The probiotic strain used in this study, Bifidobacterium longum subsp. infantis B8762, was isolated from the faecal sample of a healthy child in 2017.

Researchers said that the findings aligned with existing findings on probiotics’ disease prevention benefits.

“The decrease in symptom frequency observed after the administration of the B8762 probiotic indicated that it lowered the incidence of these infections, thus significantly reducing the number of clinical visits in children compared to the placebo group for both respiratory and gastrointestinal illnesses.

“These findings align with the prophylactic benefits of probiotics, as they are associated with a reduced likelihood of developing illness symptoms, suggesting that B8762 played a role in reducing the overall burden of disease, thereby lessening the need for medical intervention,” said the researchers.

They explained that probiotics, by lowering gut pH through the production of short-chain fatty acids and other antimicrobial substances, could create an inhospitable environment for pathogens.

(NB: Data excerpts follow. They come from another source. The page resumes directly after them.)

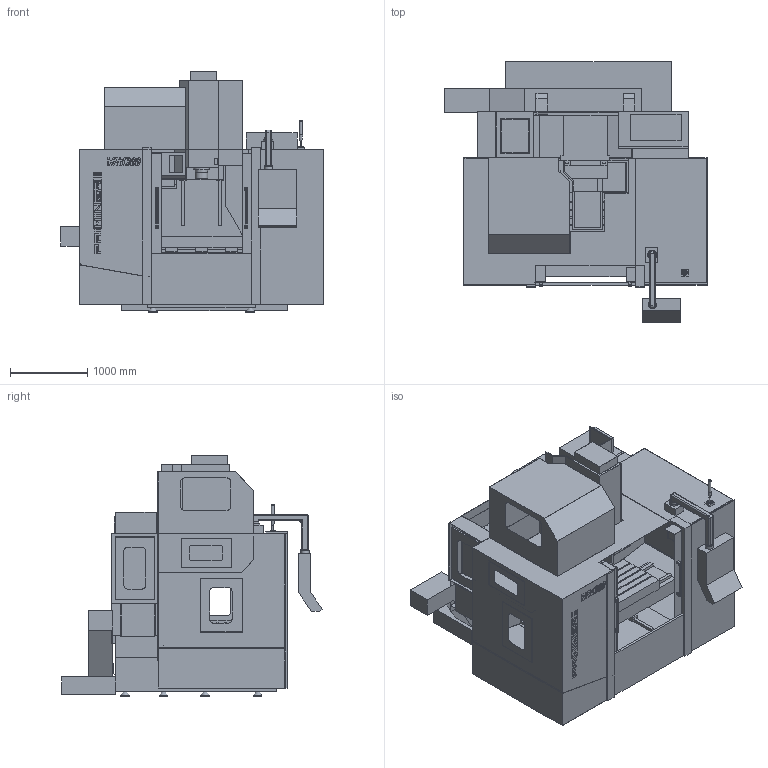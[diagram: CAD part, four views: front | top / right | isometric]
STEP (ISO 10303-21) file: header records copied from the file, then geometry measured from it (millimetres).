
FILE_DESCRIPTION(/* description */ (''),/* implementation_level */ '2;1');
FILE_NAME(/* name */ 'VF1300应用简化-后侧排屑机.stp',/* time_stamp */ '2022-12-12T19:05:56+08:00',/* author */ (''),/* organization */ (''),/* preprocessor_version */ 'ST-DEVELOPER v18.102',/* originating_system */ 'SIEMENS PLM Software NX2206.5001',/* authorisation */ '');
FILE_SCHEMA (('AP203_CONFIGURATION_CONTROLLED_3D_DESIGN_OF_MECHANICAL_PARTS_AND_ASSEMBLIES_MIM_LF { 1 0 10303 403 2 1 2}'));
Products named in the file (1): VF1300应用简化-后侧排屑机_
objects
Bounding box: 3394 x 3378.36 x 3127.95 mm (x, y, z)
Volume: 3703227702.2 mm3; surface area: 121669688.3 mm2
Topology: 44 solids, 78 shells, 2419 faces, 6544 edges, 4293 vertices
Faces by surface type: plane 2080, cylinder 253, cone 35, bspline 27, torus 19, extrusion 5
Full cylindrical faces by diameter (mm): 4.134 x4, 5.5 x4, 6.647 x4, 8.5 x4, 20 x1, 43.437 x1, 69 x1, 100 x1, 110 x9, 120 x1, 158 x1, 165 x1, 208 x1
Entity records: 93032 total; most frequent: CARTESIAN_POINT 18691, ORIENTED_EDGE 12890, DIRECTION 11617, EDGE_CURVE 6445, VECTOR 5813, LINE 5808, VERTEX_POINT 4264, AXIS2_PLACEMENT_3D 2902

Probiotics could also stimulate the host’s immune system and boost the production of immunoglobulins and cytokines that are crucial in pathogen defence.

Tempered cytokine response

Oral swab samples also showed that the placebo group had higher levels of pro-inflammatory cytokine TNF-α, while the probiotic group demonstrated a balanced cytokine response, which the researchers said indicated a modulation of the immune system.

Other pro-inflammatory cytokines, including IFN-γ and IL-10, while higher in concentration in the probiotic group initially, eventually became lower than the placebo group by the end of the trial.

“This stability suggested that B8762 maintained a balanced inflammatory response, preventing the excessive inflammation often seen during respiratory illnesses in children.

“The ability of probiotics to modulate cytokine production and maintain a balanced inflammatory response is crucial in managing respiratory illnesses.

“Excessive inflammation leads to tissue damage and prolonged illnesses, whereas a balanced response promotes faster recovery and reduces the severity of symptoms.

“By preventing the rise in pro-inflammatory cytokines and maintaining stable levels of anti-inflammatory cytokines, probiotics offer a therapeutic advantage in managing paediatric respiratory illnesses,” said the researchers.

Source: Int. J. Mol. Sci.

Therapeutic Potential of Bifidobacterium longum subsp. infantis B8762 on Gut and Respiratory Health in Infant

https://doi.org/10.3390/ijms26031323

Authors: Richmond, R.V.; Mageswary, U.; Ali, A.; Taib, F.; Koo, T.H.; Yusof, A.; Hamid, I.J.A.; Zhao, F.; Rahman, N.N.N.A.; Hasan, T.H.; et al.